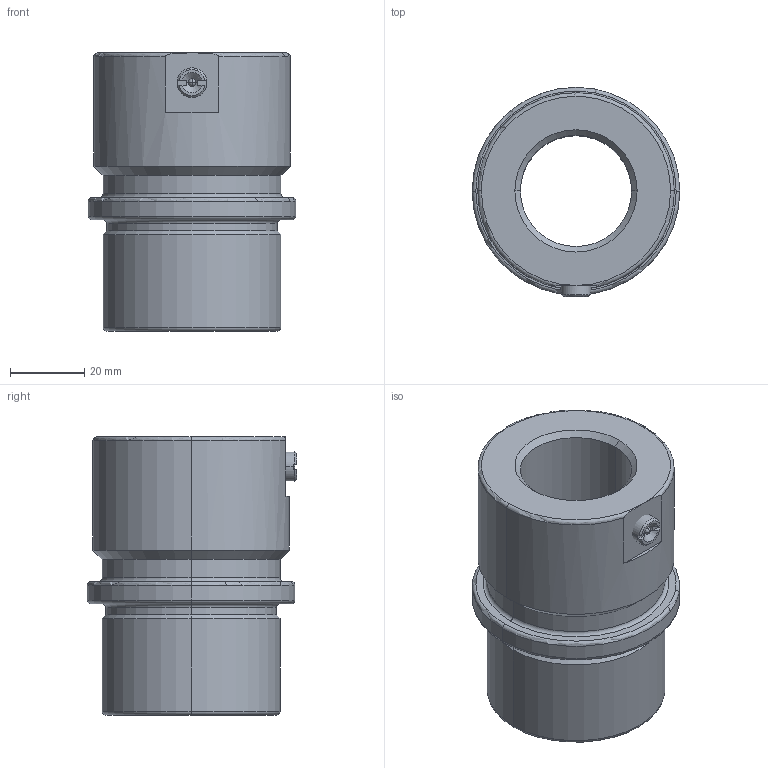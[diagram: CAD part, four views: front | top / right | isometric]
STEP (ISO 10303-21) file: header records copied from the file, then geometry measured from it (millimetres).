
FILE_DESCRIPTION(('CATIA V5 STEP Exchange'),'2;1');
FILE_NAME('C:\Users\Utente\Desktop\IO LAVORO\3D X SITO CF\X SITO\744\744-30.stp','2020-12-23T21:17:30+00:00',('none'),('none'),'CATIA Version 5 Release 20 GA (IN-10)','CATIA V5 STEP AP203','none');
FILE_SCHEMA(('CONFIG_CONTROL_DESIGN'));
Length unit declared in the file: millimetre
Products named in the file (1): 744-30
Bounding box: 56 x 56.5 x 75 mm (x, y, z)
Volume: 98305.8 mm3; surface area: 23220.3 mm2
Topology: 2 solids, 2 shells, 67 faces, 156 edges, 92 vertices
Faces by surface type: cylinder 16, plane 16, cone 16, torus 15, sphere 4
Entity records: 2045 total; most frequent: CARTESIAN_POINT 547, ORIENTED_EDGE 304, DIRECTION 266, AXIS2_PLACEMENT_3D 155, EDGE_CURVE 152, VERTEX_POINT 92, CIRCLE 87, EDGE_LOOP 74
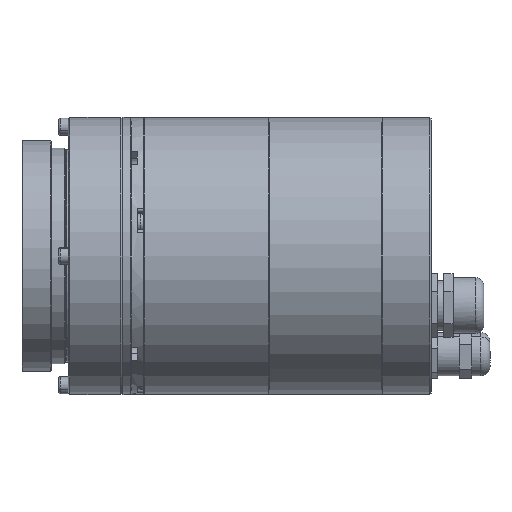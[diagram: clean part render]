
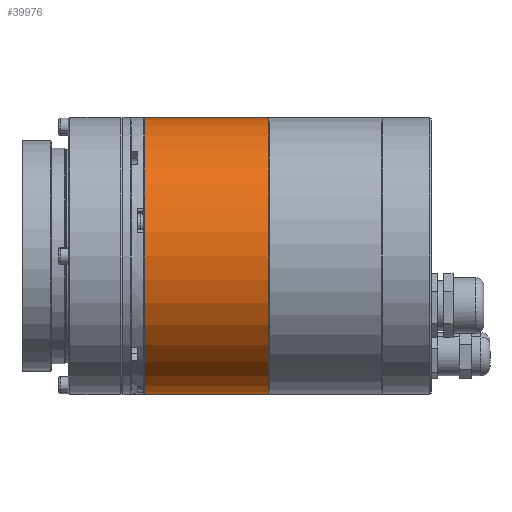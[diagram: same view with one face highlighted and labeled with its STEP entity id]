
A CAD part, front view. The second image highlights one B-rep face of the part: STEP entity #39976.
In plain terms, the highlighted cylindrical face has radius 45 mm (diameter 90 mm), a full revolution.
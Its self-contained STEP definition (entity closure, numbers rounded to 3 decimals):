
#39944=CARTESIAN_POINT('',(40.6,0.,0.));
#39945=DIRECTION('',(0.,1.,0.));
#39946=DIRECTION('',(-1.,0.,0.));
#39947=AXIS2_PLACEMENT_3D('',#39944,#39946,#39945);
#39948=CYLINDRICAL_SURFACE('',#39947,45.);
#39949=CARTESIAN_POINT('',(40.6,45.,0.));
#39950=VERTEX_POINT('',#39949);
#39951=CARTESIAN_POINT('',(0.2,45.,0.));
#39952=VERTEX_POINT('',#39951);
#39953=CARTESIAN_POINT('',(40.6,45.,0.));
#39954=DIRECTION('',(-1.,0.,0.));
#39955=VECTOR('',#39954,40.4);
#39956=LINE('',#39953,#39955);
#39957=EDGE_CURVE('',#39950,#39952,#39956,.T.);
#39958=ORIENTED_EDGE('E2970',*,*,#39957,.T.);
#39959=CARTESIAN_POINT('',(0.2,0.,0.));
#39960=DIRECTION('',(0.,1.,0.));
#39961=DIRECTION('',(1.,0.,0.));
#39962=AXIS2_PLACEMENT_3D('',#39959,#39961,#39960);
#39963=CIRCLE('',#39962,45.);
#39964=EDGE_CURVE('',#39952,#39952,#39963,.T.);
#39965=ORIENTED_EDGE('E2971',*,*,#39964,.T.);
#39966=ORIENTED_EDGE('E2971',*,*,#39957,.F.);
#39967=CARTESIAN_POINT('',(40.6,0.,0.));
#39968=DIRECTION('',(0.,1.,0.));
#39969=DIRECTION('',(-1.,0.,0.));
#39970=AXIS2_PLACEMENT_3D('',#39967,#39969,#39968);
#39971=CIRCLE('',#39970,45.);
#39972=EDGE_CURVE('',#39950,#39950,#39971,.T.);
#39973=ORIENTED_EDGE('E2972',*,*,#39972,.T.);
#39974=EDGE_LOOP('',(#39958,#39965,#39966,#39973));
#39975=FACE_OUTER_BOUND('',#39974,.T.);
#39976=ADVANCED_FACE('F1262',(#39975),#39948,.T.);
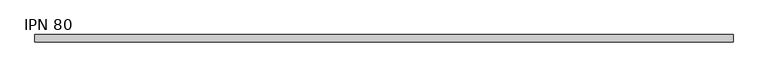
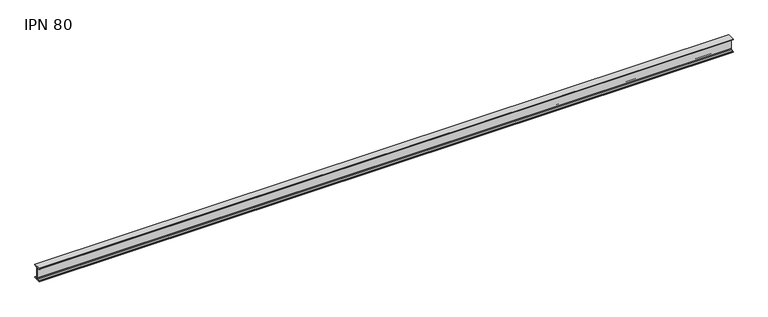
"""IFC4 building model written with IfcOpenShell, lengths in millimetres: beam geometry, IPN - Secciones en I con alas cónicas : IPN 80."""

from ifc_helpers import new_model, si_unit, point, frame, frame_2d, origin, place, context, project, spatial, polyline, circle_curve, trimmed, segment, composite_curve, outline, extrude, source, transform, mapped, element, save


def ipn_80_8b3ddc1d(model_context):
    return source(origin(), model_context, "Body", "SweptSolid", [
        extrude(outline(composite_curve([segment(polyline([(21.0, 40.0), (21.0, 37.5704306)]), True, "CONTINUOUS"), segment(trimmed(circle_curve(frame_2d((18.7, 37.5704306)), 2.3), [point((21.0, 37.5704306))], [point((19.01889, 35.2926446))], False, "CARTESIAN"), True, "CONTINUOUS"), segment(polyline([(19.01889, 35.2926446), (5.3092734, 33.3732983)]), True, "CONTINUOUS"), segment(trimmed(circle_curve(frame_2d((5.85, 29.5109655)), 3.9), [point((5.3092734, 33.3732983))], [point((1.95, 29.5109655))], True, "CARTESIAN"), True, "CONTINUOUS"), segment(polyline([(1.95, 29.5109655), (1.95, -29.5109655)]), True, "CONTINUOUS"), segment(trimmed(circle_curve(frame_2d((5.85, -29.5109655)), 3.9), [point((1.95, -29.5109655))], [point((5.3092734, -33.3732983))], True, "CARTESIAN"), True, "CONTINUOUS"), segment(polyline([(5.3092734, -33.3732983), (19.01889, -35.2926446)]), True, "CONTINUOUS"), segment(trimmed(circle_curve(frame_2d((18.7, -37.5704306)), 2.3), [point((19.01889, -35.2926446))], [point((21.0, -37.5704306))], False, "CARTESIAN"), True, "CONTINUOUS"), segment(polyline([(21.0, -37.5704306), (21.0, -40.0), (-21.0, -40.0), (-21.0, -37.5704306)]), True, "CONTINUOUS"), segment(trimmed(circle_curve(frame_2d((-18.7, -37.5704306)), 2.3), [point((-21.0, -37.5704306))], [point((-19.01889, -35.2926446))], False, "CARTESIAN"), True, "CONTINUOUS"), segment(polyline([(-19.01889, -35.2926446), (-5.3092734, -33.3732983)]), True, "CONTINUOUS"), segment(trimmed(circle_curve(frame_2d((-5.85, -29.5109655)), 3.9), [point((-5.3092734, -33.3732983))], [point((-1.95, -29.5109655))], True, "CARTESIAN"), True, "CONTINUOUS"), segment(polyline([(-1.95, -29.5109655), (-1.95, 29.5109655)]), True, "CONTINUOUS"), segment(trimmed(circle_curve(frame_2d((-5.85, 29.5109655)), 3.9), [point((-1.95, 29.5109655))], [point((-5.3092734, 33.3732983))], True, "CARTESIAN"), True, "CONTINUOUS"), segment(polyline([(-5.3092734, 33.3732983), (-19.01889, 35.2926446)]), True, "CONTINUOUS"), segment(trimmed(circle_curve(frame_2d((-18.7, 37.5704306)), 2.3), [point((-19.01889, 35.2926446))], [point((-21.0, 37.5704306))], False, "CARTESIAN"), True, "CONTINUOUS"), segment(polyline([(-21.0, 37.5704306), (-21.0, 40.0), (21.0, 40.0)]), True, "CONTINUOUS")], self_intersect=False)), frame((-1993.85, 0.0, 0.0), z_axis=(1.0, 0.0, 0.0), x_axis=(0.0, 1.0, 0.0)), (0.0, 0.0, 1.0), 3960.85),
    ])


if __name__ == "__main__":
    model = new_model("IFC4")
    model_context = context("Model", 3, world=origin())
    ifc_project = project(units=[si_unit("LENGTHUNIT", "METRE", prefix="MILLI")], contexts=[model_context])
    site = spatial("IfcSite", under=ifc_project)
    building = spatial("IfcBuilding", under=site)
    placement = place(None, origin())
    ipn_80_shape = ipn_80_8b3ddc1d(model_context)
    element("IfcBeam", 1, ObjectType="IPN - Secciones en I con alas cónicas : IPN 80", at=placement, inside=building, context=model_context, shape_type="MappedRepresentation", body=[
        mapped(ipn_80_shape, transform((0.0, 0.0, 0.0), x_axis=(1.0, 0.0, 0.0), y_axis=(0.0, 1.0, 0.0), z_axis=(0.0, 0.0, 1.0))),
    ])
    save(model, "model.ifc")

ASSIGNMENT: Only the pictures are to be dropped; all other material above must be repeated exactly.

TASK OUTPUT:
[diagram: CAD part, four views: front | top / right | isometric]
STEP (ISO 10303-21) file: header records copied from the file, then geometry measured from it (millimetres).
FILE_DESCRIPTION(('CATIA V5 STEP Exchange'),'2;1');
FILE_NAME('C:\Users\Utente\Desktop\IO LAVORO\3D X SITO CF\X SITO\744\744-30.stp','2020-12-23T21:17:30+00:00',('none'),('none'),'CATIA Version 5 Release 20 GA (IN-10)','CATIA V5 STEP AP203','none');
FILE_SCHEMA(('CONFIG_CONTROL_DESIGN'));
Length unit declared in the file: millimetre
Products named in the file (1): 744-30
Bounding box: 56 x 56.5 x 75 mm (x, y, z)
Volume: 98305.8 mm3; surface area: 23220.3 mm2
Topology: 2 solids, 2 shells, 67 faces, 156 edges, 92 vertices
Faces by surface type: cylinder 16, plane 16, cone 16, torus 15, sphere 4
Entity records: 2045 total; most frequent: CARTESIAN_POINT 547, ORIENTED_EDGE 304, DIRECTION 266, AXIS2_PLACEMENT_3D 155, EDGE_CURVE 152, VERTEX_POINT 92, CIRCLE 87, EDGE_LOOP 74
[diagram: clean part render]
[diagram: same view with one face highlighted and labeled with its STEP entity id]
A CAD part, front view. The second image highlights one B-rep face of the part: STEP entity #39976.
In plain terms, the highlighted cylindrical face has radius 45 mm (diameter 90 mm), a full revolution.
Its self-contained STEP definition (entity closure, numbers rounded to 3 decimals):
#39944=CARTESIAN_POINT('',(40.6,0.,0.));
#39945=DIRECTION('',(0.,1.,0.));
#39946=DIRECTION('',(-1.,0.,0.));
#39947=AXIS2_PLACEMENT_3D('',#39944,#39946,#39945);
#39948=CYLINDRICAL_SURFACE('',#39947,45.);
#39949=CARTESIAN_POINT('',(40.6,45.,0.));
#39950=VERTEX_POINT('',#39949);
#39951=CARTESIAN_POINT('',(0.2,45.,0.));
#39952=VERTEX_POINT('',#39951);
#39953=CARTESIAN_POINT('',(40.6,45.,0.));
#39954=DIRECTION('',(-1.,0.,0.));
#39955=VECTOR('',#39954,40.4);
#39956=LINE('',#39953,#39955);
#39957=EDGE_CURVE('',#39950,#39952,#39956,.T.);
#39958=ORIENTED_EDGE('E2970',*,*,#39957,.T.);
#39959=CARTESIAN_POINT('',(0.2,0.,0.));
#39960=DIRECTION('',(0.,1.,0.));
#39961=DIRECTION('',(1.,0.,0.));
#39962=AXIS2_PLACEMENT_3D('',#39959,#39961,#39960);
#39963=CIRCLE('',#39962,45.);
#39964=EDGE_CURVE('',#39952,#39952,#39963,.T.);
#39965=ORIENTED_EDGE('E2971',*,*,#39964,.T.);
#39966=ORIENTED_EDGE('E2971',*,*,#39957,.F.);
#39967=CARTESIAN_POINT('',(40.6,0.,0.));
#39968=DIRECTION('',(0.,1.,0.));
#39969=DIRECTION('',(-1.,0.,0.));
#39970=AXIS2_PLACEMENT_3D('',#39967,#39969,#39968);
#39971=CIRCLE('',#39970,45.);
#39972=EDGE_CURVE('',#39950,#39950,#39971,.T.);
#39973=ORIENTED_EDGE('E2972',*,*,#39972,.T.);
#39974=EDGE_LOOP('',(#39958,#39965,#39966,#39973));
#39975=FACE_OUTER_BOUND('',#39974,.T.);
#39976=ADVANCED_FACE('F1262',(#39975),#39948,.T.);
"""IFC4 building model written with IfcOpenShell, lengths in millimetres: beam geometry, IPN - Secciones en I con alas cónicas : IPN 80."""

from ifc_helpers import new_model, si_unit, point, frame, frame_2d, origin, place, context, project, spatial, polyline, circle_curve, trimmed, segment, composite_curve, outline, extrude, source, transform, mapped, element, save


def ipn_80_8b3ddc1d(model_context):
    return source(origin(), model_context, "Body", "SweptSolid", [
        extrude(outline(composite_curve([segment(polyline([(21.0, 40.0), (21.0, 37.5704306)]), True, "CONTINUOUS"), segment(trimmed(circle_curve(frame_2d((18.7, 37.5704306)), 2.3), [point((21.0, 37.5704306))], [point((19.01889, 35.2926446))], False, "CARTESIAN"), True, "CONTINUOUS"), segment(polyline([(19.01889, 35.2926446), (5.3092734, 33.3732983)]), True, "CONTINUOUS"), segment(trimmed(circle_curve(frame_2d((5.85, 29.5109655)), 3.9), [point((5.3092734, 33.3732983))], [point((1.95, 29.5109655))], True, "CARTESIAN"), True, "CONTINUOUS"), segment(polyline([(1.95, 29.5109655), (1.95, -29.5109655)]), True, "CONTINUOUS"), segment(trimmed(circle_curve(frame_2d((5.85, -29.5109655)), 3.9), [point((1.95, -29.5109655))], [point((5.3092734, -33.3732983))], True, "CARTESIAN"), True, "CONTINUOUS"), segment(polyline([(5.3092734, -33.3732983), (19.01889, -35.2926446)]), True, "CONTINUOUS"), segment(trimmed(circle_curve(frame_2d((18.7, -37.5704306)), 2.3), [point((19.01889, -35.2926446))], [point((21.0, -37.5704306))], False, "CARTESIAN"), True, "CONTINUOUS"), segment(polyline([(21.0, -37.5704306), (21.0, -40.0), (-21.0, -40.0), (-21.0, -37.5704306)]), True, "CONTINUOUS"), segment(trimmed(circle_curve(frame_2d((-18.7, -37.5704306)), 2.3), [point((-21.0, -37.5704306))], [point((-19.01889, -35.2926446))], False, "CARTESIAN"), True, "CONTINUOUS"), segment(polyline([(-19.01889, -35.2926446), (-5.3092734, -33.3732983)]), True, "CONTINUOUS"), segment(trimmed(circle_curve(frame_2d((-5.85, -29.5109655)), 3.9), [point((-5.3092734, -33.3732983))], [point((-1.95, -29.5109655))], True, "CARTESIAN"), True, "CONTINUOUS"), segment(polyline([(-1.95, -29.5109655), (-1.95, 29.5109655)]), True, "CONTINUOUS"), segment(trimmed(circle_curve(frame_2d((-5.85, 29.5109655)), 3.9), [point((-1.95, 29.5109655))], [point((-5.3092734, 33.3732983))], True, "CARTESIAN"), True, "CONTINUOUS"), segment(polyline([(-5.3092734, 33.3732983), (-19.01889, 35.2926446)]), True, "CONTINUOUS"), segment(trimmed(circle_curve(frame_2d((-18.7, 37.5704306)), 2.3), [point((-19.01889, 35.2926446))], [point((-21.0, 37.5704306))], False, "CARTESIAN"), True, "CONTINUOUS"), segment(polyline([(-21.0, 37.5704306), (-21.0, 40.0), (21.0, 40.0)]), True, "CONTINUOUS")], self_intersect=False)), frame((-1993.85, 0.0, 0.0), z_axis=(1.0, 0.0, 0.0), x_axis=(0.0, 1.0, 0.0)), (0.0, 0.0, 1.0), 3960.85),
    ])


if __name__ == "__main__":
    model = new_model("IFC4")
    model_context = context("Model", 3, world=origin())
    ifc_project = project(units=[si_unit("LENGTHUNIT", "METRE", prefix="MILLI")], contexts=[model_context])
    site = spatial("IfcSite", under=ifc_project)
    building = spatial("IfcBuilding", under=site)
    placement = place(None, origin())
    ipn_80_shape = ipn_80_8b3ddc1d(model_context)
    element("IfcBeam", 1, ObjectType="IPN - Secciones en I con alas cónicas : IPN 80", at=placement, inside=building, context=model_context, shape_type="MappedRepresentation", body=[
        mapped(ipn_80_shape, transform((0.0, 0.0, 0.0), x_axis=(1.0, 0.0, 0.0), y_axis=(0.0, 1.0, 0.0), z_axis=(0.0, 0.0, 1.0))),
    ])
    save(model, "model.ifc")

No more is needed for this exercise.